According to Chinese reminder theorem,let $\mathbf{}{\mathit{m}}_{\mathbf{1}}\mathbf{,}{\mathit{m}}_{\mathbf{2}}\mathbf{,}\mathbf{\dots }\mathbf{,}{\mathit{m}}_{\mathit{r}}$be relatively prime numbers such that $\mathbf{(}{\mathbf{m}}_{\mathbf{i}}\mathbf{,}{\mathbf{m}}_{\mathbf{j}}\mathbf{)}\mathbf{=}\mathbf{1}$where $\mathit{i}\mathbf{\ne }\mathit{j}$then the linear congruences$\mathit{x}\mathbf{\equiv }{\mathit{a}}_{\mathbf{1}}\mathbf{(}\mathbf{mod}{\mathbf{m}}_{\mathbf{1}}\mathbf{)}\mathbf{,}\mathit{x}\mathbf{\equiv }{\mathit{a}}_{\mathbf{2}}\mathbf{(}\mathbf{mod}{\mathbf{m}}_{\mathbf{2}}\mathbf{)}\mathbf{,}\mathbf{\dots }\mathbf{,}\mathit{x}\mathbf{\equiv }{\mathit{a}}_{\mathit{r}}\mathbf{(}\mathbf{mod}{\mathbf{m}}_{\mathbf{r}}\mathbf{)}$ has a simultaneous solution which is unique modulo $\mathbf{(}{\mathbf{m}}_{\mathbf{1}}\mathbf{,}{\mathbf{m}}_{\mathbf{2}}\mathbf{,}\mathbf{\dots }\mathbf{,}{\mathbf{m}}_{\mathbf{r}}\mathbf{)}$.

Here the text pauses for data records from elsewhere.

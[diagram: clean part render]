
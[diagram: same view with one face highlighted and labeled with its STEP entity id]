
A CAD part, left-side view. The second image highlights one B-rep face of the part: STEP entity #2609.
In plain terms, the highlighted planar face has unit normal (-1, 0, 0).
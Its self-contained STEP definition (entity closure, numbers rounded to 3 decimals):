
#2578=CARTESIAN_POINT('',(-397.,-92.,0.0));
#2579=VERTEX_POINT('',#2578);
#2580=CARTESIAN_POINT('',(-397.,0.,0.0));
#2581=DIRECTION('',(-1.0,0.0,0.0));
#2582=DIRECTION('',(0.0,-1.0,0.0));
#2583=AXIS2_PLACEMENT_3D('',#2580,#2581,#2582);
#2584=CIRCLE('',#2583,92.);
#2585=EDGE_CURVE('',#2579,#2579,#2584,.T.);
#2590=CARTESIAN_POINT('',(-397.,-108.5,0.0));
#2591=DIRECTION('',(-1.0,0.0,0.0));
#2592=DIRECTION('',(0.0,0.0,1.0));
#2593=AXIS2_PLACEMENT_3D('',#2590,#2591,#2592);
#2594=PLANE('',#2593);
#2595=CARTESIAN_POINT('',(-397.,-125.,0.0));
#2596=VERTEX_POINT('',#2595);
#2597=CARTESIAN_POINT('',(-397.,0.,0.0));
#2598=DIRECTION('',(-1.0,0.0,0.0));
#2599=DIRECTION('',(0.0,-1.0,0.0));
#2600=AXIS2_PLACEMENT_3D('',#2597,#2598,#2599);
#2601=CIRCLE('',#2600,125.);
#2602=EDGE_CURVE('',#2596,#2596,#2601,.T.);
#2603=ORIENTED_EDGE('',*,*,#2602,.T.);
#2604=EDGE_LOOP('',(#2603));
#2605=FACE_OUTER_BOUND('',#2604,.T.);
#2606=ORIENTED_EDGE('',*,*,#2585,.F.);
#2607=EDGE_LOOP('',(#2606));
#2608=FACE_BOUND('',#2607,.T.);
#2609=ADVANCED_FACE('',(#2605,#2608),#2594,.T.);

Find the solution of the system of the given congruence

Here we have,

$m_1=2,m_2=3,m_3=5,m_4=11$and $a_1=1,a_2=2,a_3=3,a_4=11$

So,

$$\begin{gathered} M=m_1\cdot m_2\cdot m_3\cdot m_4 \\ =2\cdot 3\cdot 5\cdot 11 \\ =330 \end{gathered}$$

Now,

$$\begin{gathered} M_1=\frac{M}{m_1} \\ =\frac{330}{2} \\ =165 \\ {M}_2=\frac{M}{m_2} \\ =\frac{330}{3} \\ =110 \\ {M}_3=\frac{M}{m_3} \\ =\frac{330}{5} \\ =66 \\ {M}_4=\frac{M}{m_4} \\ =\frac{330}{11} \\ =30 \end{gathered}$$

Now, to find inverse of$M_i\text{'}s$

For$M_1=165\left(\mathrm{mod}2\right)=1\left(\mathrm{mod}2\right)$

Inverse of $M_1^{-1}$is 1 because$1\cdot 1(mod2)=1(mod2)=1$

For$M_2=110(mod3)=2(mod3)$

Inverse of $M_2^{-1}$is 2 because$2\cdot 2(mod3)=4(mod3)=1$

For$M_3=66(mod5)=1(mod5)$

Inverse of$M_3^{-1}$ is 1 because$1\cdot 1(mod5)=1(mod5)=1$

For$M_4=30(mod11)=8(mod11)$

Inverse of$M_4^{-1}$ is 7 because$7\cdot 8(mod11)=56(mod11)=1$

Now, solution is given by,

$$\begin{gathered} x\equiv \left(a_1{M}_1{M}_1^{-1}+a_2{M}_2{M}_2^{-1}+a_3{M}_3{M}_3^{-1}+a_4{M}_4{M}_4^{-1}\right)(modM) \\ x\equiv (1\cdot 165\cdot 1+2\cdot 110\cdot 2+3\cdot 66\cdot 1+4\cdot 30\cdot 7)(mod330) \\ x\equiv 1643(mod330) \\ x\equiv 323(mod330) \end{gathered}$$

Hence, solution is $x\equiv 323(mod330)$.